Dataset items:
^^^^^^^^

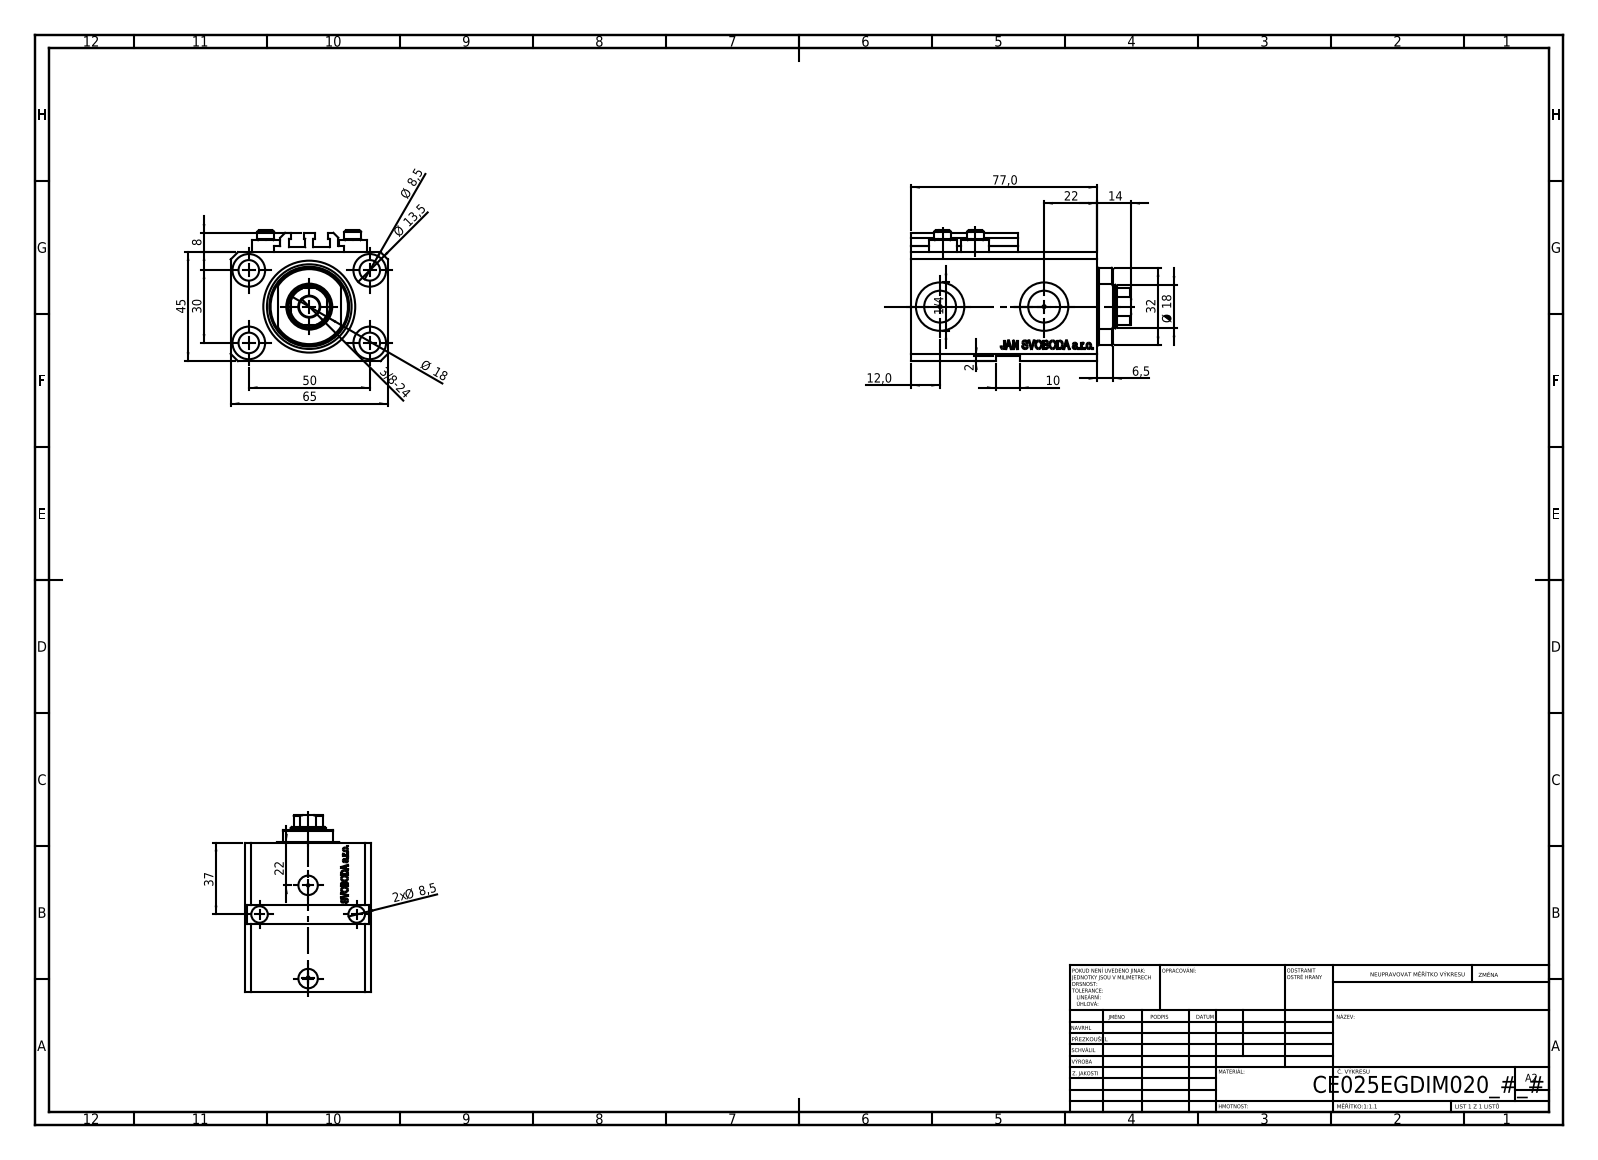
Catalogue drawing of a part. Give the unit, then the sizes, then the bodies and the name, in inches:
Units: inches
Overall size (bounding box): 3.583 × 2.559 × 2.126
Round holes (diameter × count): ⌀0.335 ×7, ⌀0.049 ×4, ⌀0.157 ×4, ⌀0.531 ×4, ⌀0.394 ×2, ⌀0.518 ×2, ⌀0.787 ×2, ⌀0.709 ×1, ⌀0.984 ×1, ⌀1.496 ×1
Round bosses / shafts (diameter × count): ⌀0.457 ×4, ⌀0.276 ×4
Partial cylindrical surfaces — rounded edges, fillets, slot ends (radius × count): R0.008 ×10, R0.335 ×1, R0.63 ×1
Main face-to-face distances: 1.772, 2.559, 2.48, 0.551, 3.031, 0.079, 0.272, 2.209, 2.76, 1.85
Hole centre spacings: 1.148, 1.969, 0.535, 0.595, 0.741, 0.747, 1.032, 1.048
Volume: 11.97 in³ · Surface area: 93.5 in²
Bodies: 8 solids, 1083 faces (515 planar, 138 cylindrical, 430 other)
Part name (STEP PRODUCT): V250CE_C_VCP; V250CE_VC_E; ALLEN BOLT V250CE; V250CE_E_Body
STEP written by: SolidWorks 2019 (CONFIG_CONTROL_DESIGN)

^^^^^^^^

EXERCISE REQUIREMENTS:
Print all of the records shown above exactly, leaving out each picture.

REPLY TO THE EXERCISE:
Catalogue drawing of a part. Give the unit, then the sizes, then the bodies and the name, in inches:
Units: inches
Overall size (bounding box): 3.583 × 2.559 × 2.126
Round holes (diameter × count): ⌀0.335 ×7, ⌀0.049 ×4, ⌀0.157 ×4, ⌀0.531 ×4, ⌀0.394 ×2, ⌀0.518 ×2, ⌀0.787 ×2, ⌀0.709 ×1, ⌀0.984 ×1, ⌀1.496 ×1
Round bosses / shafts (diameter × count): ⌀0.457 ×4, ⌀0.276 ×4
Partial cylindrical surfaces — rounded edges, fillets, slot ends (radius × count): R0.008 ×10, R0.335 ×1, R0.63 ×1
Main face-to-face distances: 1.772, 2.559, 2.48, 0.551, 3.031, 0.079, 0.272, 2.209, 2.76, 1.85
Hole centre spacings: 1.148, 1.969, 0.535, 0.595, 0.741, 0.747, 1.032, 1.048
Volume: 11.97 in³ · Surface area: 93.5 in²
Bodies: 8 solids, 1083 faces (515 planar, 138 cylindrical, 430 other)
Part name (STEP PRODUCT): V250CE_C_VCP; V250CE_VC_E; ALLEN BOLT V250CE; V250CE_E_Body
STEP written by: SolidWorks 2019 (CONFIG_CONTROL_DESIGN)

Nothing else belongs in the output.